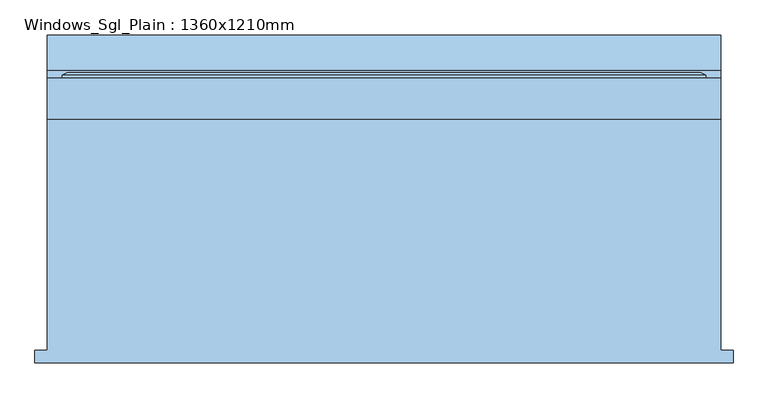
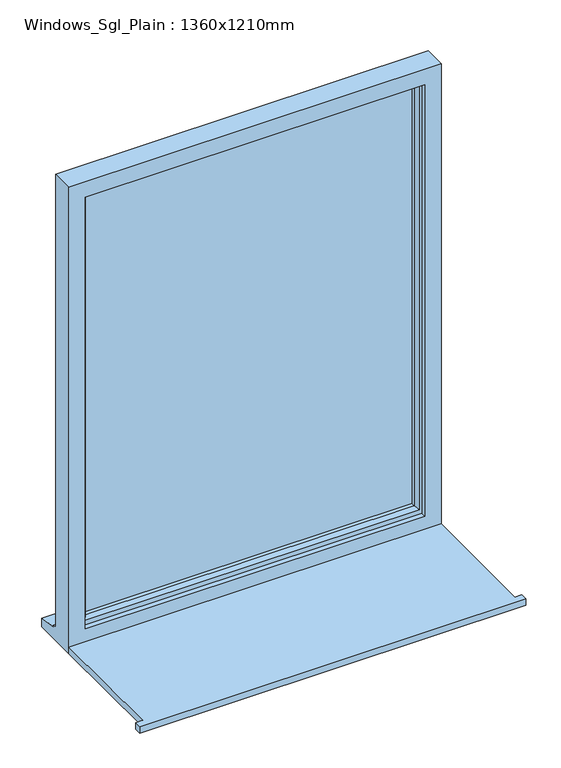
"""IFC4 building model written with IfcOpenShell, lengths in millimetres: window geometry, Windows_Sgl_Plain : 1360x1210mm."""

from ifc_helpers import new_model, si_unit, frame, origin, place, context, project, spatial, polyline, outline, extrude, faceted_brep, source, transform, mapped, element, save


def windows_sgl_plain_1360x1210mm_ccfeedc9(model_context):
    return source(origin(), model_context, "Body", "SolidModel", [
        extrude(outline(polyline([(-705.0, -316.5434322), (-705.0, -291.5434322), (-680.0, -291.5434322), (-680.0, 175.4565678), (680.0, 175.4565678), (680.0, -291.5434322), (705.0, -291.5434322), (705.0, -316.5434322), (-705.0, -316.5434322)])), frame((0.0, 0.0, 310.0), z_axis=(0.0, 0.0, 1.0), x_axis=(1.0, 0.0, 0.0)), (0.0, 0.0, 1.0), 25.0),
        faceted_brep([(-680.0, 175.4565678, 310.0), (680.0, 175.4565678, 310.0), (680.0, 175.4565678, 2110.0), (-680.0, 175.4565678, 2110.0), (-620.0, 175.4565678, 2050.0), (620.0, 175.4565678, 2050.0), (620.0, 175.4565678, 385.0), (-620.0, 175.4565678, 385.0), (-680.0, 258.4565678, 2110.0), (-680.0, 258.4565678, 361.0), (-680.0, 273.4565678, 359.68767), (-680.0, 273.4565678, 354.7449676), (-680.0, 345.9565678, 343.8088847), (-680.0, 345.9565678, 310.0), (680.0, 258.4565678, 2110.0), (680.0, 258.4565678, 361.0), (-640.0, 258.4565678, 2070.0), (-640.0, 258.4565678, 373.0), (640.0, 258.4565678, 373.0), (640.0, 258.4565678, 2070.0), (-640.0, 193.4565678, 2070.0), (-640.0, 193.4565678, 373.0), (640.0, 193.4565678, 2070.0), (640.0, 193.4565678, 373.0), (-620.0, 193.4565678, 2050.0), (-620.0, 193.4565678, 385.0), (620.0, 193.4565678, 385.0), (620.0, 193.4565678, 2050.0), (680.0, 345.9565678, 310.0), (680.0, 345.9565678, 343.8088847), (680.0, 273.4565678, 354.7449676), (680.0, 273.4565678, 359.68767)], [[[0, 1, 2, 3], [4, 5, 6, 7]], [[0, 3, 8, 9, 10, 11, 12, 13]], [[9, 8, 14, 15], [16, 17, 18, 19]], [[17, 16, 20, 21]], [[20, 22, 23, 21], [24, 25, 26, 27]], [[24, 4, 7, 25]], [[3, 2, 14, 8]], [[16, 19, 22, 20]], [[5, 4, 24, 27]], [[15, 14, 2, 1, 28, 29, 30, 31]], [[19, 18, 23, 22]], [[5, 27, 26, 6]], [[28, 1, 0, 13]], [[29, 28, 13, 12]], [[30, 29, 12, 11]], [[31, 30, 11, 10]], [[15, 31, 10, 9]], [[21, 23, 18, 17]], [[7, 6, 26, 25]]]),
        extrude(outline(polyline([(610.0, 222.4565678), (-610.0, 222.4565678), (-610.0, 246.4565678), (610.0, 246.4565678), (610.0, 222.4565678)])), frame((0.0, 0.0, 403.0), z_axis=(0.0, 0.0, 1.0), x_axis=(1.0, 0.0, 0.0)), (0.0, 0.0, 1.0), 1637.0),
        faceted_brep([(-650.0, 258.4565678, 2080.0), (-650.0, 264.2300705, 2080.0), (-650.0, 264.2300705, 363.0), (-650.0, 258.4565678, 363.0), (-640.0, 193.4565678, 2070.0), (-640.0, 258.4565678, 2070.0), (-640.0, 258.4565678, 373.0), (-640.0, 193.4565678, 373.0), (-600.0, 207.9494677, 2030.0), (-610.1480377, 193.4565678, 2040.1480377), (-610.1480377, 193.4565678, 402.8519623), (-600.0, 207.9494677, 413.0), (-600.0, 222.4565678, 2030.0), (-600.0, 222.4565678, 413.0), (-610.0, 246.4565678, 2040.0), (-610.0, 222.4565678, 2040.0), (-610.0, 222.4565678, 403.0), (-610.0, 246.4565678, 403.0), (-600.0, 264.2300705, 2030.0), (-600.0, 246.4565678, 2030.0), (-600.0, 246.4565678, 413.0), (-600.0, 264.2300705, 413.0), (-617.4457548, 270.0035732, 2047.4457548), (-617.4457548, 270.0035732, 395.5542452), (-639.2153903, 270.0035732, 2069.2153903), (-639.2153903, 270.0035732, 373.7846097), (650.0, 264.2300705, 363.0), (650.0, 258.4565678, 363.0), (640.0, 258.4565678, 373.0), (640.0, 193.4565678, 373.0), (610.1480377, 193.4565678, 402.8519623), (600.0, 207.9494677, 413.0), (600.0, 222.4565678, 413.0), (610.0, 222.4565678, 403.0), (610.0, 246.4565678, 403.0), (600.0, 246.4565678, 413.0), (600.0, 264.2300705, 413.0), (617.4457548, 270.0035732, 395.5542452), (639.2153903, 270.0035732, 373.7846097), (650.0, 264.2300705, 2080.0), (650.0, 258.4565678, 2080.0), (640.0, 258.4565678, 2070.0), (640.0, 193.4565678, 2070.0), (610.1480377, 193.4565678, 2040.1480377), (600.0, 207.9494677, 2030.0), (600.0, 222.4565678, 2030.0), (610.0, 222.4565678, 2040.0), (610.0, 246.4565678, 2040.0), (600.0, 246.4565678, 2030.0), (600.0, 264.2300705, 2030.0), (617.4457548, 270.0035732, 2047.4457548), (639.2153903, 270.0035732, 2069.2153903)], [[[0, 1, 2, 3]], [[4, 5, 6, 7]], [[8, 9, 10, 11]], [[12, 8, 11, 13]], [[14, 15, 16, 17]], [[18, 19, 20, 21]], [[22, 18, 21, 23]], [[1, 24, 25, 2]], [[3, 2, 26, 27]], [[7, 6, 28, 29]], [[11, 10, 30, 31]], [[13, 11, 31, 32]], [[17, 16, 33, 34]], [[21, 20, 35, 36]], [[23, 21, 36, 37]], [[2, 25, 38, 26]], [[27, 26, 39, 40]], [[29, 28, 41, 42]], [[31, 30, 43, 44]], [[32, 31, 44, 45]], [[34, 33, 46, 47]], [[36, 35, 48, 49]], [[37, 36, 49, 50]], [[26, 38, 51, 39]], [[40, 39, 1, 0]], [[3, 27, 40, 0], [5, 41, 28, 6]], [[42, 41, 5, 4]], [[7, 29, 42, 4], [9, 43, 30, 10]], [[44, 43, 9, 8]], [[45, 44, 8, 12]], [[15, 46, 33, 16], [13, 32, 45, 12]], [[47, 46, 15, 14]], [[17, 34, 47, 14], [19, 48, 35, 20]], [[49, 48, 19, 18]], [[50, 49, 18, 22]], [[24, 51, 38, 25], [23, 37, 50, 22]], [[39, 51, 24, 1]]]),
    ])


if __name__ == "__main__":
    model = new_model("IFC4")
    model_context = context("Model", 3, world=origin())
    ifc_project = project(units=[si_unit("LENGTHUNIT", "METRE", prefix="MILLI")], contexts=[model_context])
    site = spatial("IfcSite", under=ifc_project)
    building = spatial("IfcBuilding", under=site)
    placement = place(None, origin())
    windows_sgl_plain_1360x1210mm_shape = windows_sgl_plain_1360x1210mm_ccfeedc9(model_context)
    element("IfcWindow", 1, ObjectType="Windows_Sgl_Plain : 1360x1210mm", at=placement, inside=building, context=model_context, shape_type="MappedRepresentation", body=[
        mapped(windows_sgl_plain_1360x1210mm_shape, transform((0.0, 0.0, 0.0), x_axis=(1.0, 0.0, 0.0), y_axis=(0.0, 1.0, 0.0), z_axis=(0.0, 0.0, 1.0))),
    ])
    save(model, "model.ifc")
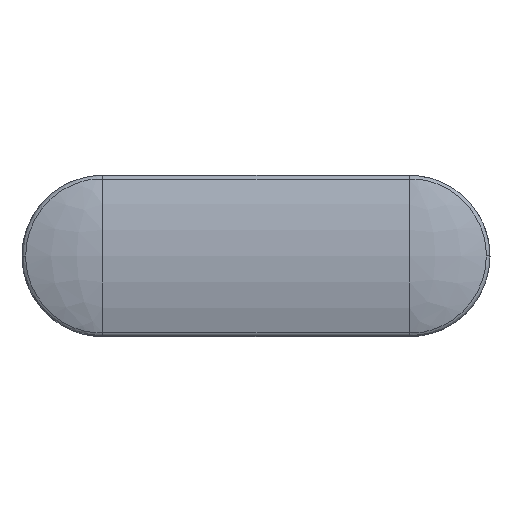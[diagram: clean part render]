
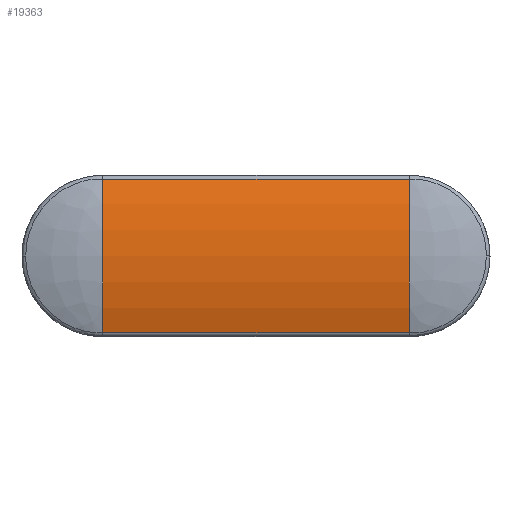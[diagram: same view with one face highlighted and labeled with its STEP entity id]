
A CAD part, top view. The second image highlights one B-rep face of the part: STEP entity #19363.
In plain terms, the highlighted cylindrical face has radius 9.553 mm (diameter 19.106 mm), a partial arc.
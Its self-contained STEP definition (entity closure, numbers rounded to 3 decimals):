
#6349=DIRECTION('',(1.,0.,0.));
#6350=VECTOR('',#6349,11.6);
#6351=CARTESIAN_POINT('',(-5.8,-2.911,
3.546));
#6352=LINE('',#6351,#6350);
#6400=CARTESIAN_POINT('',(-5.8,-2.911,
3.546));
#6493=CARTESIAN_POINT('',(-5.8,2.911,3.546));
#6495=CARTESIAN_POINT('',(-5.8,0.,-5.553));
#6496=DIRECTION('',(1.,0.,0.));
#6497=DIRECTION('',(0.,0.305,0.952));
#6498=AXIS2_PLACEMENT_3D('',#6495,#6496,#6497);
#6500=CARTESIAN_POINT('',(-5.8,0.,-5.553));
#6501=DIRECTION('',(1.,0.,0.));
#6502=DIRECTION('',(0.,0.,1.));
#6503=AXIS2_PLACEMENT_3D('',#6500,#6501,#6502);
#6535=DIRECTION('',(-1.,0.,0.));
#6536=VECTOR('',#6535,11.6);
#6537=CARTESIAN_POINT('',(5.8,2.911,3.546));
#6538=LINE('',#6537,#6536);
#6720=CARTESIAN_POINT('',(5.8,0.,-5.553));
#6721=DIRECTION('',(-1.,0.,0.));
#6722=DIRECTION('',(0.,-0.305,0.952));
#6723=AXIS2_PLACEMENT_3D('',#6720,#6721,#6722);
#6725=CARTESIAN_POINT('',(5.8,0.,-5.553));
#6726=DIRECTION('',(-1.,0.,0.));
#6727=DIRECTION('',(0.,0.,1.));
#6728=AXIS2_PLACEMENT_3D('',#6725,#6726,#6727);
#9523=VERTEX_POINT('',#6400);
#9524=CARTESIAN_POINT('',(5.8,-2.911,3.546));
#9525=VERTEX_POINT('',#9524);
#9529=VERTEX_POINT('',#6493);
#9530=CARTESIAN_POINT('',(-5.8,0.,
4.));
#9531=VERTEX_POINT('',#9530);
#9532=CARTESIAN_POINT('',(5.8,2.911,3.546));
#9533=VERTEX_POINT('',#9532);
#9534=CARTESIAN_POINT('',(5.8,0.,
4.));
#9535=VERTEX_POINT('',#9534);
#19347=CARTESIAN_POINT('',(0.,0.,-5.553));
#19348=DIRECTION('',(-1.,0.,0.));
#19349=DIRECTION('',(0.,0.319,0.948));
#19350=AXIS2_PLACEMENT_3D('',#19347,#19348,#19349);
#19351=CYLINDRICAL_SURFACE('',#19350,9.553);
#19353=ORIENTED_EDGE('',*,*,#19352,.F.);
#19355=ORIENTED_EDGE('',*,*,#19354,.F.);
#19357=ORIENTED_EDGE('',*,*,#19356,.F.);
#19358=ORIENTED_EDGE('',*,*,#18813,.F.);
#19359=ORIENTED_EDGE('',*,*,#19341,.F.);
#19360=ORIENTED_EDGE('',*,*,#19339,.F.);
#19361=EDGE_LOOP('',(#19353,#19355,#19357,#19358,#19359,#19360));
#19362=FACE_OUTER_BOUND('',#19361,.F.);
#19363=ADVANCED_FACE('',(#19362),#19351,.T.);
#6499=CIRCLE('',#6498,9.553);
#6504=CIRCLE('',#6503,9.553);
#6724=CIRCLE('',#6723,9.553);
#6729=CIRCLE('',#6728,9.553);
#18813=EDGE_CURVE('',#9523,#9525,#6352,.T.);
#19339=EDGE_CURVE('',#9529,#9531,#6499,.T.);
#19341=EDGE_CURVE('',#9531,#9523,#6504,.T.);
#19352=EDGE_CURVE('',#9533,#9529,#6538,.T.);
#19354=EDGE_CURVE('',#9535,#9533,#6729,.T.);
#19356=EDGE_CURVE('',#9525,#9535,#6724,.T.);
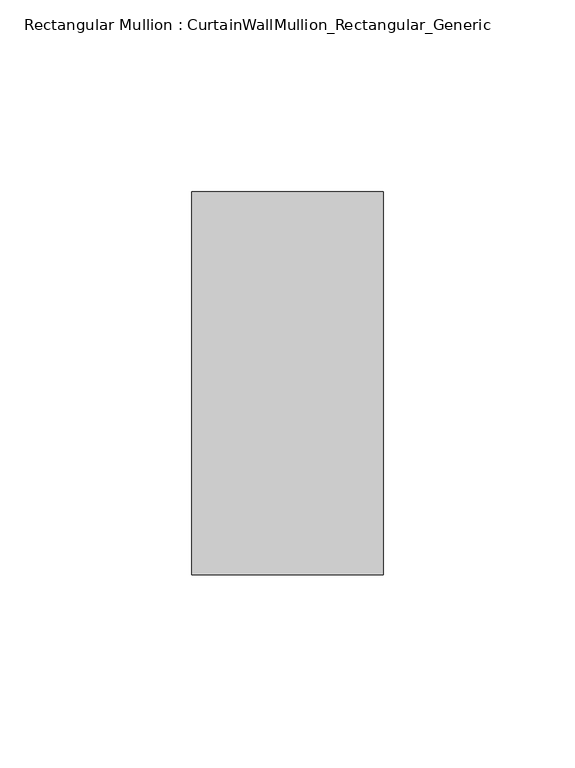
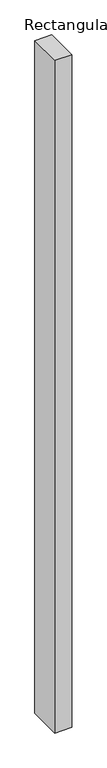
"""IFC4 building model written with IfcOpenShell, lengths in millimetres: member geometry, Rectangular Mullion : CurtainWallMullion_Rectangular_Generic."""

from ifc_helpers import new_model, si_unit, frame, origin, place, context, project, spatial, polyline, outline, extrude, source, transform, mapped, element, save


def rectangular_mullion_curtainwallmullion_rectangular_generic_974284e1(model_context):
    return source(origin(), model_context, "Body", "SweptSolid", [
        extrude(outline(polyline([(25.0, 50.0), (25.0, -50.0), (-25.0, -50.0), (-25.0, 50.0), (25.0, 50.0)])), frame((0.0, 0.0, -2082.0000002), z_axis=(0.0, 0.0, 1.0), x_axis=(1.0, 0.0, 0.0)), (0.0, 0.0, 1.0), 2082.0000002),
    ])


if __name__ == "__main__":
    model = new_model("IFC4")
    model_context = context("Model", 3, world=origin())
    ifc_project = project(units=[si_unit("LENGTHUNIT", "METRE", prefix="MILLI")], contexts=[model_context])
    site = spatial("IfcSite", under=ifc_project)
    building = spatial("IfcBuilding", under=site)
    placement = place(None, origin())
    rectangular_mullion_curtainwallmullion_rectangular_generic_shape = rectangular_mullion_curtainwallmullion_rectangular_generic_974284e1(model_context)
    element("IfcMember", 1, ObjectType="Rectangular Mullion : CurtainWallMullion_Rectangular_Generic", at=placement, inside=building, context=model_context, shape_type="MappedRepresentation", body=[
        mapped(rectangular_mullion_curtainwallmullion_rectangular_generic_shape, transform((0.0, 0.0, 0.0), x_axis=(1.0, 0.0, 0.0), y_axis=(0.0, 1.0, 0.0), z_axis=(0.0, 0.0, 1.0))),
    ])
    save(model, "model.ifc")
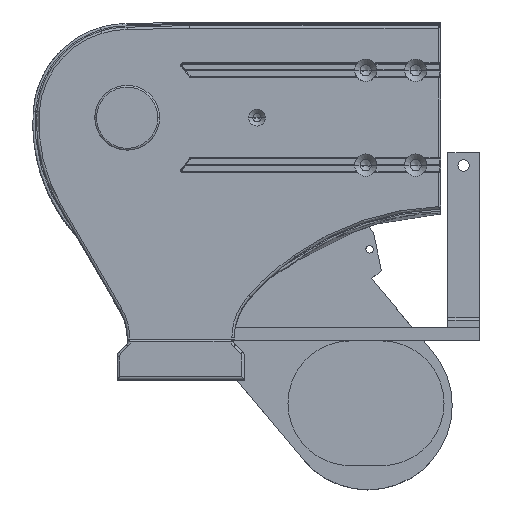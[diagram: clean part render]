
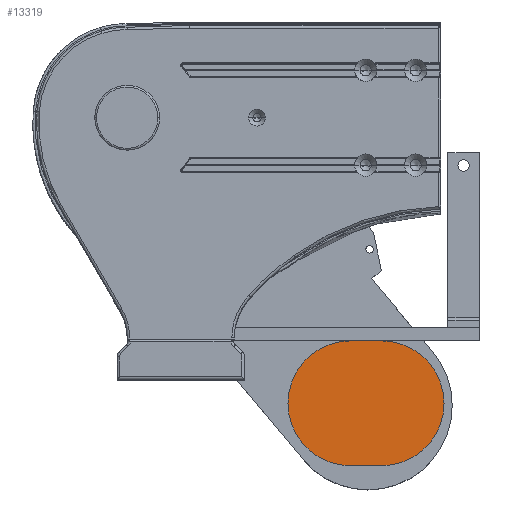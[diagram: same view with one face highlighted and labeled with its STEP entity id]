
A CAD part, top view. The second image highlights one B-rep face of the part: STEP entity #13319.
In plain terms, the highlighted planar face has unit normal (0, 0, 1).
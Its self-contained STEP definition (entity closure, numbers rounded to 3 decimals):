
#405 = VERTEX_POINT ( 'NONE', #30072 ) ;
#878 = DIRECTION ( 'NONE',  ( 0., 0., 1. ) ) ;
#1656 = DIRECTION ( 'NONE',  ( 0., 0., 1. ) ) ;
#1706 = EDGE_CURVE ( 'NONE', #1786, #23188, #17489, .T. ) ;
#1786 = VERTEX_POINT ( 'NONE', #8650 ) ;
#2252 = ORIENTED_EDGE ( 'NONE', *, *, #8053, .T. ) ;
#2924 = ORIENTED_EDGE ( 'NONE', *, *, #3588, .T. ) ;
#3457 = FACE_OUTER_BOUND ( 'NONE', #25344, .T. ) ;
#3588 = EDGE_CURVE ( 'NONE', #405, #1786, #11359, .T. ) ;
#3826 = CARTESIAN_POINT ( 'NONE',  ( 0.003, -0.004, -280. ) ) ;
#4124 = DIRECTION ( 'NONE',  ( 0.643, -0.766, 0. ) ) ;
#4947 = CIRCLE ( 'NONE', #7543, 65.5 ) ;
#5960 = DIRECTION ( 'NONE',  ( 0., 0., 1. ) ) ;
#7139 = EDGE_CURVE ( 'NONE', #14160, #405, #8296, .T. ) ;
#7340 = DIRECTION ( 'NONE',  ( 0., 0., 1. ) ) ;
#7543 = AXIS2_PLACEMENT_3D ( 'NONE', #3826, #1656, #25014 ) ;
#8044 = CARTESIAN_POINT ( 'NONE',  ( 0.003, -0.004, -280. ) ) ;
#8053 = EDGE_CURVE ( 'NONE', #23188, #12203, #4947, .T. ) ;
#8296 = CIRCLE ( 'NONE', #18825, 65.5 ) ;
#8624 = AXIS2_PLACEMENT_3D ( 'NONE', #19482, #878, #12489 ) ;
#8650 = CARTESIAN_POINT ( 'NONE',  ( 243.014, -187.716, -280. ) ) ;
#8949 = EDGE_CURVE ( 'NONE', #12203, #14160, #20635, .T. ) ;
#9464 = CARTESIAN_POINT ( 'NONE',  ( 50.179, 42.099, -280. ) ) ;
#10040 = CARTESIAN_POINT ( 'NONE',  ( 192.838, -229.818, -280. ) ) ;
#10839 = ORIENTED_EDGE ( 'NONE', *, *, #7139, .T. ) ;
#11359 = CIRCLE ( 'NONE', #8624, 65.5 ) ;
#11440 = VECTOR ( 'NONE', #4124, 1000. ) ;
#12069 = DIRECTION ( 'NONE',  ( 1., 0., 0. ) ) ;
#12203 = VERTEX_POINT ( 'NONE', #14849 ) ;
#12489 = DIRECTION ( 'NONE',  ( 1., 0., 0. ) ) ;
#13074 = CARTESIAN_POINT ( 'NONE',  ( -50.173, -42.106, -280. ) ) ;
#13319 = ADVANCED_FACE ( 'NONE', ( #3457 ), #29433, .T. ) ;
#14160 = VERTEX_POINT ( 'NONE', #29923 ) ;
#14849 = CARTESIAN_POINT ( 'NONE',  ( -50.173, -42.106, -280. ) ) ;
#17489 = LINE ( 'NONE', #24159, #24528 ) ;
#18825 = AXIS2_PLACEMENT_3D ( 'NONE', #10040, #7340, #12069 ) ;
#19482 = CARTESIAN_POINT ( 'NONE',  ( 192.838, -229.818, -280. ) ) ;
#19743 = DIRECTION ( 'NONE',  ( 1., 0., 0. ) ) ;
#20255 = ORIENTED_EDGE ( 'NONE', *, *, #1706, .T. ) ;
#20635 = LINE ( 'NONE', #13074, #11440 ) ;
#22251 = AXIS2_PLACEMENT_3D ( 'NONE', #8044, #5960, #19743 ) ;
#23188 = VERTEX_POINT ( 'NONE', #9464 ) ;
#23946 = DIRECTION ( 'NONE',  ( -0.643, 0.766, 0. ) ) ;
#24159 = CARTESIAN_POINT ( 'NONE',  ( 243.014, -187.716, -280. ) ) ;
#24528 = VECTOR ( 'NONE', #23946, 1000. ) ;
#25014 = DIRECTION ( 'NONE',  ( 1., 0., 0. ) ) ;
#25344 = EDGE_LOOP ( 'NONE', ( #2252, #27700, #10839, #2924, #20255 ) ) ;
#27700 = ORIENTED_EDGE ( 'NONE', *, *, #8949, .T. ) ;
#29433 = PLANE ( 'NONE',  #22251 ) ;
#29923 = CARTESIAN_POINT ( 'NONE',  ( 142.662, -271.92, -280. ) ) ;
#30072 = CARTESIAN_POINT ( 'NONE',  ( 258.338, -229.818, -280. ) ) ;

------------------------------------

**WHAT THE TASK REQUIRES**
Work through the records line by line and tally those holding "terms". Reply with the number alone.

**OUTPUT**
2